Он родился в 1858 году. Уродцем. Едва подрос, выползал на культях во двор, брал зубами прутик и что-то чертил им на земле. Делал он это так упорно, что односельчане дивились — до чего упрям! Земский учитель Троицкий обратил внимание на рисунки убогого мальчика Гриши и поразился, как точно изображает он увиденное. Стал Троицкий учить Гришу Журавлёва грамоте. Грамоту мальчик одолел быстро, ум у него был живой, хваткий, буквы выписывал ловко, одна к одной. Когда Гриша подрос, у него был самый красивый в деревне почерк, ему даже поручали переписывать протоколы экзаменов, что считалось особым знаком доверия и уважения. А уж писем написал будущий художник — за всю деревню. Не просто был грамотный, а выписывал, вырисовывал каждую буковку.
А ещё у него была самая большая библиотека в деревне. Читать любил. Вообще к учебе, всякой, имел склонность. И в Утёвке не остался, уехал в Самару, поступил в гимназию. Ему было двадцать два года, когда он её окончил и вернулся в родную деревню, самообразование продолжал, изучил черчение, анатомию человека. И только после этого стал писать иконы на заказ. Ему охотно заказывали, не диковинка ли без рук, без ног, а рисует.
Пытаюсь представить себе, как это вообще можно и ничего у меня не получается. В маленькой книжечке изданной в Самаре четыре года назад, мне попалась наконец фотокарточка Григория Журавлёва. На табурете в элегантном костюме, нога на ногу, сидит его брат Афанасий Николаевич. А рядом на культяшках, с пустыми рукавами чёрного до полу пиджака - он. Лицо с маленькой бородкой и усами, высокий лоб. Смотрит прямо. От всего его облика веет силой. Чувства жалости к несчастному уродцу нет и в помине. Вдумчивость, волевой характер не оставляют места для вздохов и сострадания. Говорят, что брат его, Афанасий, после смерти матери ухаживал за Григорием, возил его на базар, в баню, конечно, в церковь. Без церкви Журавлёв свою жизнь не мыслил.
Он рисовал, стоя на полу на своих культяшках перед маленьким особым столиком, держа кисть в зубах. Рисовал красками и углем. Говорят, был весёлого нрава, шутник, умел выделывать разные штуки. Например, брал в зубы пастуший кнут, размахивался им и с оглушительным свистом хлопал. Или ловко прихватывал зубами стакан и выпивал. А расписывался! Очень своей росписью гордился, мастерски, виртуозно выводил свою фамилию.
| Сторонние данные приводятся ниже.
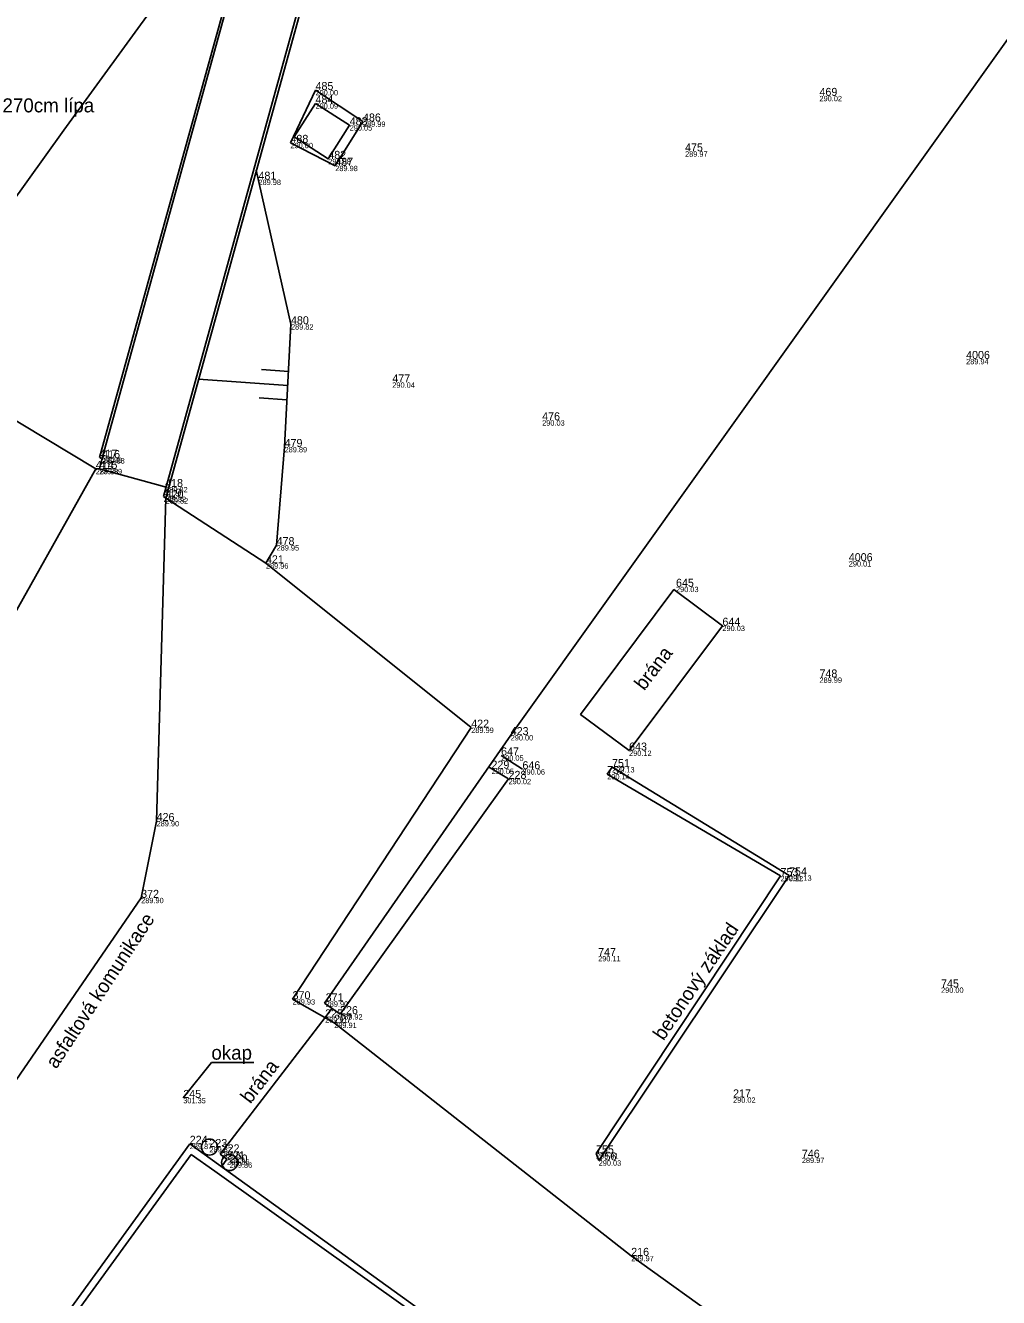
# Model space of a CAD drawing. Extents: x -805057 to -804930, y -994399 to -994240.
# Drawn here: x -805024.17 to -805005.92, y -994307.89 to -994284.05 of the extents above; entities that cross this region are included whole.
import ezdxf

# ---------------------------------------------------------------- set-up
doc = ezdxf.new("R2010")
doc.units = 0
for name, color, linetype in [('bod cislo', 7, 'Continuous'), ('bod pozice', 7, 'Continuous'), ('bod výška', 7, 'Continuous'), ('branka', 7, 'Continuous'), ('budova', 7, 'Continuous'), ('kamera', 7, 'Continuous'), ('Katastralni mapa', 7, 'Continuous'), ('komunikace', 7, 'Continuous'), ('plot', 7, 'Continuous'), ('popis', 7, 'Continuous'), ('svah', 7, 'Continuous'), ('svod', 7, 'Continuous'), ('šachta hranatá', 7, 'Continuous'), ('šrafy', 7, 'Continuous')]:
    doc.layers.add(name, color=color, linetype=linetype)

msp = doc.modelspace()

# ---------------------------------------------------------------- linework, layer by layer
at = {"layer": 'bod pozice'}
for p, q in [((-805018.73, -994285.26), (-805018.73, -994285.26)), ((-805009.28, -994285.37), (-805009.28, -994285.37)), ((-805018.73, -994285.51), (-805018.73, -994285.51)), ((-805017.84, -994285.85), (-805017.84, -994285.85)), ((-805018.09, -994285.92), (-805018.09, -994285.92)), ((-805019.2, -994286.25), (-805019.2, -994286.25)), ((-805018.49, -994286.55), (-805018.49, -994286.55)), ((-805011.8, -994286.41), (-805011.8, -994286.41)), ((-805018.36, -994286.68), (-805018.36, -994286.68)), ((-805019.8, -994286.94), (-805019.8, -994286.94)), ((-805019.19, -994289.65), (-805019.19, -994289.65)), ((-805006.53, -994290.3), (-805006.53, -994290.3)), ((-805017.29, -994290.74), (-805017.29, -994290.74)), ((-805014.48, -994291.45), (-805014.48, -994291.45)), ((-805019.31, -994291.95), (-805019.31, -994291.95)), ((-805022.78, -994292.15), (-805022.78, -994292.15)), ((-805022.73, -994292.16), (-805022.73, -994292.16)), ((-805022.85, -994292.36), (-805022.85, -994292.36)), ((-805022.78, -994292.36), (-805022.78, -994292.36)), ((-805021.55, -994292.7), (-805021.55, -994292.7)), ((-805021.58, -994292.88), (-805021.58, -994292.88)), ((-805021.54, -994292.91), (-805021.54, -994292.91)), ((-805019.46, -994293.79), (-805019.46, -994293.79)), ((-805019.66, -994294.13), (-805019.66, -994294.13)), ((-805008.73, -994294.09), (-805008.73, -994294.09)), ((-805011.97, -994294.57), (-805011.97, -994294.57)), ((-805011.1, -994295.3), (-805011.1, -994295.3)), ((-805009.28, -994296.27), (-805009.28, -994296.27)), ((-805015.81, -994297.21), (-805015.81, -994297.21)), ((-805015.07, -994297.35), (-805015.07, -994297.35)), ((-805015.25, -994297.73), (-805015.25, -994297.73)), ((-805012.85, -994297.64), (-805012.85, -994297.64)), ((-805015.43, -994297.98), (-805015.43, -994297.98)), ((-805014.85, -994297.99), (-805014.85, -994297.99)), ((-805013.17, -994297.95), (-805013.17, -994297.95)), ((-805015.11, -994298.17), (-805015.11, -994298.17)), ((-805013.26, -994298.08), (-805013.26, -994298.08)), ((-805021.71, -994298.96), (-805021.71, -994298.96)), ((-805010.01, -994299.99), (-805010.01, -994299.99)), ((-805009.85, -994299.98), (-805009.85, -994299.98)), ((-805022, -994300.4), (-805022, -994300.4)), ((-805013.43, -994301.49), (-805013.43, -994301.49)), ((-805007, -994302.08), (-805007, -994302.08)), ((-805019.16, -994302.3), (-805019.16, -994302.3)), ((-805018.54, -994302.34), (-805018.54, -994302.34)), ((-805018.27, -994302.58), (-805018.27, -994302.58)), ((-805018.55, -994302.64), (-805018.55, -994302.64)), ((-805018.38, -994302.74), (-805018.38, -994302.74)), ((-805021.21, -994304.15), (-805021.21, -994304.15)), ((-805010.9, -994304.14), (-805010.9, -994304.14)), ((-805021.089, -994305.009), (-805021.089, -994305.009)), ((-805020.72, -994305.07), (-805020.72, -994305.07)), ((-805020.49, -994305.17), (-805020.49, -994305.17)), ((-805013.47, -994305.19), (-805013.47, -994305.19)), ((-805020.39, -994305.3), (-805020.39, -994305.3)), ((-805020.34, -994305.36), (-805020.34, -994305.36)), ((-805013.42, -994305.32), (-805013.42, -994305.32)), ((-805009.61, -994305.27), (-805009.61, -994305.27)), ((-805012.81, -994307.11), (-805012.81, -994307.11))]:
    msp.add_line(p, q, dxfattribs=at)
at = {"layer": 'branka'}
msp.add_lwpolyline([(-805012.85, -994297.64), (-805011.1, -994295.3), (-805012.008, -994294.621), (-805013.758, -994296.961)], close=True, dxfattribs=at)
at = {"layer": 'budova'}
for p in [(-805026.92, -994313.06), (-805014.989, -994309.4)]:
    msp.add_line(p, (-805021.089, -994305.009), dxfattribs=at)
at = {"layer": 'kamera'}
msp.add_circle((-805020.34, -994305.36), 0.15, dxfattribs=at)
at = {"layer": 'Katastralni mapa'}
for points in [[(-805018.75, -994279.55), (-805023.45, -994286.01)], [(-805023.45, -994286.01), (-805026.2, -994289.84)], [(-805026.71, -994312.98), (-805021.06, -994305.21)], [(-805021.06, -994305.21), (-805020.62, -994305.52)], [(-805020.62, -994305.52), (-805015.17, -994309.41)]]:
    msp.add_lwpolyline(points, dxfattribs=at)
at = {"layer": 'komunikace'}
for p, q in [((-805022.78, -994292.15), (-805019.48, -994280.24)), ((-805019.44, -994280.24), (-805022.73, -994292.16)), ((-805021.58, -994292.88), (-805018.17, -994280.54)), ((-805018.12, -994280.55), (-805021.54, -994292.91)), ((-805019.2, -994286.25), (-805018.73, -994285.26)), ((-805018.73, -994285.26), (-805017.84, -994285.85)), ((-805017.84, -994285.85), (-805018.36, -994286.68)), ((-805018.36, -994286.68), (-805019.2, -994286.25)), ((-805029.24, -994288.52), (-805022.85, -994292.36)), ((-805022.73, -994292.16), (-805022.78, -994292.15)), ((-805022.78, -994292.36), (-805022.73, -994292.16)), ((-805025.76, -994297.54), (-805022.85, -994292.36)), ((-805022.85, -994292.36), (-805022.78, -994292.36)), ((-805022.78, -994292.36), (-805021.532, -994292.705)), ((-805021.71, -994298.96), (-805021.54, -994292.91)), ((-805021.58, -994292.88), (-805021.54, -994292.91)), ((-805019.66, -994294.13), (-805021.54, -994292.91)), ((-805015.81, -994297.21), (-805019.66, -994294.13)), ((-805019.16, -994302.3), (-805015.81, -994297.21)), ((-805013.26, -994298.08), (-805013.17, -994297.95)), ((-805013.17, -994297.95), (-805009.85, -994299.98)), ((-805010.01, -994299.99), (-805013.26, -994298.08)), ((-805021.71, -994298.96), (-805022, -994300.4)), ((-805013.47, -994305.19), (-805010.01, -994299.99)), ((-805009.85, -994299.98), (-805013.42, -994305.32)), ((-805028.28, -994309.54), (-805022, -994300.4)), ((-805018.38, -994302.74), (-805019.16, -994302.3)), ((-805012.81, -994307.11), (-805018.38, -994302.74)), ((-805013.42, -994305.32), (-805013.47, -994305.19)), ((-805006.16, -994311.87), (-805012.81, -994307.11))]:
    msp.add_line(p, q, dxfattribs=at)
at = {"layer": 'plot'}
for p, q in [((-805002.96, -994280.4), (-805015.07, -994297.35)), ((-805018.562, -994302.371), (-805015.07, -994297.35)), ((-805014.85, -994297.99), (-805015.25, -994297.73)), ((-805015.11, -994298.17), (-805015.485, -994297.947)), ((-805015.11, -994298.17), (-805018.27, -994302.58)), ((-805018.27, -994302.58), (-805018.562, -994302.371)), ((-805018.421, -994302.472), (-805018.55, -994302.64)), ((-805020.515, -994305.202), (-805018.55, -994302.64)), ((-805020.39, -994305.3), (-805020.515, -994305.202)), ((-805020.39, -994305.3), (-805020.491, -994305.439))]:
    msp.add_line(p, q, dxfattribs=at)
at = {"layer": 'popis'}
for q in [(-805021.21, -994304.15), (-805019.884, -994303.486)]:
    msp.add_line((-805020.683, -994303.486), q, dxfattribs=at)
at = {"layer": 'svah'}
for p, q in [((-805019.84, -994286.764), (-805019.19, -994289.65)), ((-805019.19, -994289.65), (-805019.31, -994291.95)), ((-805019.31, -994291.95), (-805019.46, -994293.79)), ((-805019.46, -994293.79), (-805019.66, -994294.13))]:
    msp.add_line(p, q, dxfattribs=at)
at = {"layer": 'svod'}
msp.add_circle((-805020.72, -994305.07), 0.15, dxfattribs=at)
at = {"layer": 'šachta hranatá'}
msp.add_lwpolyline([(-805018.73, -994285.51), (-805018.09, -994285.92), (-805018.491, -994286.549), (-805019.131, -994286.139)], close=True, dxfattribs=at)
at = {"layer": 'šrafy'}
for p, q in [((-805019.231, -994290.534), (-805019.745, -994290.497)), ((-805019.25, -994290.8), (-805020.923, -994290.68)), ((-805019.269, -994291.067), (-805019.784, -994291.03))]:
    msp.add_line(p, q, dxfattribs=at)

# ---------------------------------------------------------------- texts
at = {"layer": 'bod cislo'}
for s, p in [('485    ', (-805018.73, -994285.26)), ('484    ', (-805018.73, -994285.51)), ('469    ', (-805009.28, -994285.37)), ('483    ', (-805018.09, -994285.92)), ('486    ', (-805017.84, -994285.85)), ('488    ', (-805019.2, -994286.25)), ('475    ', (-805011.8, -994286.41)), ('482    ', (-805018.49, -994286.55)), ('487    ', (-805018.36, -994286.68)), ('481    ', (-805019.8, -994286.94)), ('480    ', (-805019.19, -994289.65)), ('4006    ', (-805006.53, -994290.3)), ('477    ', (-805017.29, -994290.74)), ('476    ', (-805014.48, -994291.45)), ('479    ', (-805019.31, -994291.95)), ('417    ', (-805022.78, -994292.15)), ('416    ', (-805022.73, -994292.16)), ('414    ', (-805022.85, -994292.36)), ('415    ', (-805022.78, -994292.36)), ('418    ', (-805021.55, -994292.7)), ('419    ', (-805021.58, -994292.88)), ('420    ', (-805021.54, -994292.91)), ('478    ', (-805019.46, -994293.79)), ('421    ', (-805019.66, -994294.13)), ('4006    ', (-805008.73, -994294.09)), ('645    ', (-805011.97, -994294.57)), ('644    ', (-805011.1, -994295.3)), ('748    ', (-805009.28, -994296.27)), ('422    ', (-805015.81, -994297.21)), ('423    ', (-805015.07, -994297.35)), ('647    ', (-805015.25, -994297.73)), ('643    ', (-805012.85, -994297.64)), ('751    ', (-805013.17, -994297.95)), ('229    ', (-805015.43, -994297.98)), ('228    ', (-805015.11, -994298.17)), ('646    ', (-805014.85, -994297.99)), ('752    ', (-805013.26, -994298.08)), ('426    ', (-805021.71, -994298.96)), ('753    ', (-805010.01, -994299.99)), ('754    ', (-805009.85, -994299.98)), ('372    ', (-805022, -994300.4)), ('747    ', (-805013.43, -994301.49)), ('745    ', (-805007, -994302.08)), ('370    ', (-805019.16, -994302.3)), ('371    ', (-805018.54, -994302.34)), ('225    ', (-805018.55, -994302.64)), ('227    ', (-805018.38, -994302.74)), ('226    ', (-805018.27, -994302.58)), ('245    ', (-805021.21, -994304.15)), ('217    ', (-805010.9, -994304.14)), ('224    ', (-805021.089, -994305.009)), ('223    ', (-805020.72, -994305.07)), ('222    ', (-805020.49, -994305.17)), ('221    ', (-805020.39, -994305.3)), ('220    ', (-805020.34, -994305.36)), ('755    ', (-805013.47, -994305.19)), ('756    ', (-805013.42, -994305.32)), ('746    ', (-805009.61, -994305.27)), ('216    ', (-805012.81, -994307.11))]:
    msp.add_text(s, height=0.15, dxfattribs=at).set_placement(p)
at = {"layer": 'bod výška'}
for s, p in [('290.00  ', (-805018.73, -994285.36)), ('290.02  ', (-805009.28, -994285.47)), ('290.09  ', (-805018.73, -994285.61)), ('289.99  ', (-805017.84, -994285.95)), ('290.05  ', (-805018.09, -994286.02)), ('290.00  ', (-805019.2, -994286.35)), ('290.08  ', (-805018.49, -994286.65)), ('289.97  ', (-805011.8, -994286.51)), ('289.98  ', (-805018.36, -994286.78)), ('289.98  ', (-805019.8, -994287.04)), ('289.82  ', (-805019.19, -994289.75)), ('289.94  ', (-805006.53, -994290.4)), ('290.04  ', (-805017.29, -994290.84)), ('290.03  ', (-805014.48, -994291.55)), ('289.89  ', (-805019.31, -994292.05)), ('289.88  ', (-805022.78, -994292.25)), ('289.88  ', (-805022.73, -994292.26)), ('289.88  ', (-805022.85, -994292.46)), ('289.89  ', (-805022.78, -994292.46)), ('289.82  ', (-805021.55, -994292.8)), ('289.82  ', (-805021.58, -994292.98)), ('289.82  ', (-805021.54, -994293.01)), ('289.95  ', (-805019.46, -994293.89)), ('289.96  ', (-805019.66, -994294.23)), ('290.01  ', (-805008.73, -994294.19)), ('290.03  ', (-805011.97, -994294.67)), ('290.03  ', (-805011.1, -994295.4)), ('289.99  ', (-805009.28, -994296.37)), ('289.99  ', (-805015.81, -994297.31)), ('290.00  ', (-805015.07, -994297.45)), ('290.05  ', (-805015.25, -994297.83)), ('290.12  ', (-805012.85, -994297.74)), ('290.05  ', (-805015.43, -994298.08)), ('290.06  ', (-805014.85, -994298.09)), ('290.13  ', (-805013.17, -994298.05)), ('290.02  ', (-805015.11, -994298.27)), ('290.14  ', (-805013.26, -994298.18)), ('289.90  ', (-805021.71, -994299.06)), ('290.12  ', (-805010.01, -994300.09)), ('290.13  ', (-805009.85, -994300.08)), ('289.90  ', (-805022, -994300.5)), ('290.11  ', (-805013.43, -994301.59)), ('290.00  ', (-805007, -994302.18)), ('289.93  ', (-805019.16, -994302.4)), ('289.90  ', (-805018.54, -994302.44)), ('289.92  ', (-805018.27, -994302.68)), ('289.91  ', (-805018.55, -994302.74)), ('289.91  ', (-805018.38, -994302.84)), ('301.35  ', (-805021.21, -994304.25)), ('290.02  ', (-805010.9, -994304.24)), ('289.87  ', (-805021.089, -994305.109)), ('289.82  ', (-805020.72, -994305.17)), ('289.81  ', (-805020.49, -994305.27)), ('290.01  ', (-805013.47, -994305.29)), ('289.86  ', (-805020.39, -994305.4)), ('289.86  ', (-805020.34, -994305.46)), ('290.03  ', (-805013.42, -994305.42)), ('289.97  ', (-805009.61, -994305.37)), ('289.97  ', (-805012.81, -994307.21))]:
    msp.add_text(s, height=0.1, dxfattribs=at).set_placement(p)
at = {"layer": 'popis'}
for s, p in [('270cm lípa', (-805024.6, -994285.679)), ('okap', (-805020.683, -994303.433))]:
    msp.add_text(s, height=0.2629, dxfattribs=at).set_placement(p)
for s, height, rotation, p in [('brána', 0.2629, 52.5685, (-805012.566, -994296.53)), ('asfaltová komunikace', 0.26289, 56.6946, (-805023.591, -994303.62)), ('betonový základ', 0.26289, 55.9904, (-805012.204, -994303.089)), ('brána', 0.2629, 52.5685, (-805019.952, -994304.273))]:
    msp.add_text(s, height=height, rotation=rotation, dxfattribs=at).set_placement(p)

doc.saveas('drawing.dxf')

Григорий Журавлёв не сидел без дела. Был он лёгонький, деревенские мужики его по Утёвке носили. Принесут его в церковь, он сидит и на всех зорко посматривает.
В 1885 году в Утёвке началось строительство большого Троицкого храма. Безногий, безрукий мастер берётся расписывать его стены. Специально для него соорудили подмостки, на которых он и работал без устали. После смерти Журавлёва о нём вроде как и забыли. А потом, в богоборческие годы, храм закрыли, священника местного посадили в «воронок» и увезли «без права переписки А иконы, кому не лень, уносили из собора на хозяйские нужды. Они и горят хорошо, и дыру в заборе залатать ими очень даже можно. Но Господь открыл имя забытого художника-иконописца, открыл чудесным образом.